Futurist Alan Toffler warned that high tech demands “high touch.” Others have warned that the online “community” is an “artificial intimacy,” devoid of real-life relationships.
There’s still one place to find genuine communityand it’s not Starbucks. The apostle Paul wrote nearly two thousand years ago that we can find our need for connection and intimacy in the Body of Christ: the church.
The human body has many parts, but the many parts make up one whole body. So it is with the body of Christ. Some of us are Jews, some are Gentiles, some are slaves, and some are free. But we have all been baptized into one body by one Spirit, and we all share the same Spirit (1 Corinthians 12:12-13).
Black, white. Mac, PC. Democrat, Republican, Independent. Mainline, evangelical. Etc., etc. All are one as the Body of Christ.

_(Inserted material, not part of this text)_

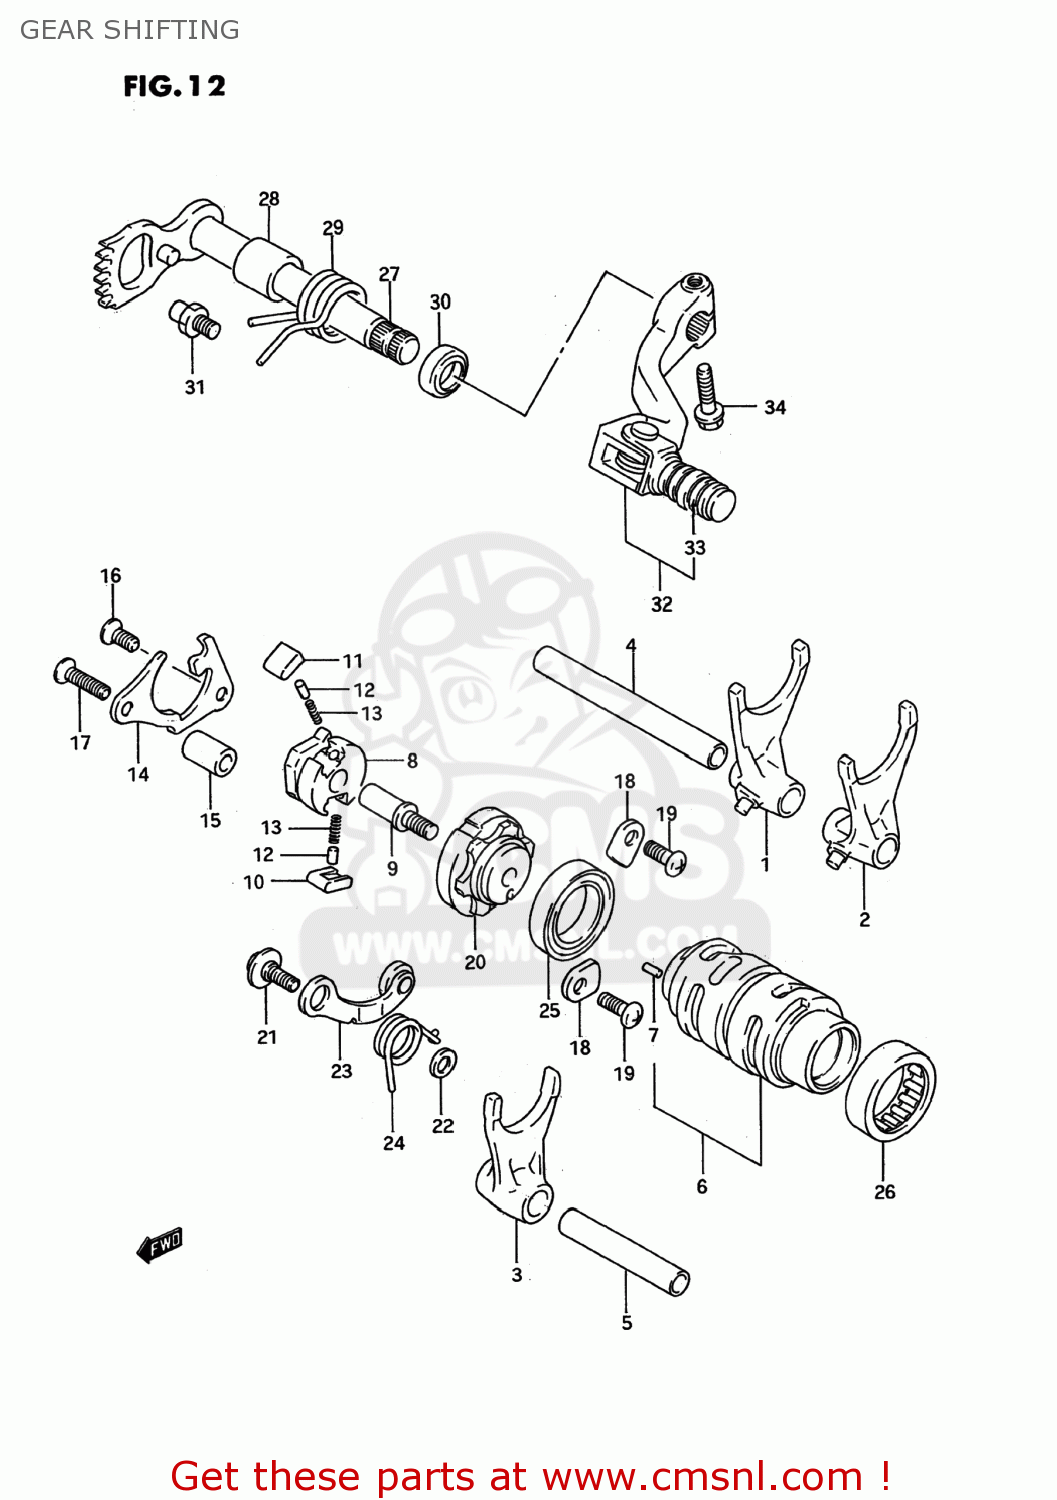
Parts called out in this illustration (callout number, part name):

Unfortunately what often breaks connections in the church is a sense of inferiority to others:
Yes, the body has many different parts, not just one part. If the foot says, “I am not a part of the body because I am not a hand,” that does not make it any less a part of the body. And if the ear says, “I am not part of the body because I am not an eye,” would that make it any less a part of the body? If the whole body were an eye, how would you hear? Or if your whole body were an ear, how would you smell anything?
But our bodies have many parts, and God has put each part just where he wants it. How strange a body would be if it had only one part! Yes, there are many parts, but only one body (1 Corinthians 12:14-20).
There are also a few who break connections because they think they don’t need others or are better than others:
The eye can never say to the hand, “I don’t need you.” The head can’t say to the feet, “I don’t need you.”
In fact, some parts of the body that seem weakest and least important are actually the most necessary. And the parts we regard as less honorable are those we clothe with the greatest care. So we carefully protect those parts that should not be seen, while the more honorable parts do not require this special care. So God has put the body together such that extra honor and care are given to those parts that have less dignity. This makes for harmony among the members, so that all the members care for each other. If one part suffers, all the parts suffer with it, and if one part is honored, all the parts are glad (1 Corinthians 12:21-26).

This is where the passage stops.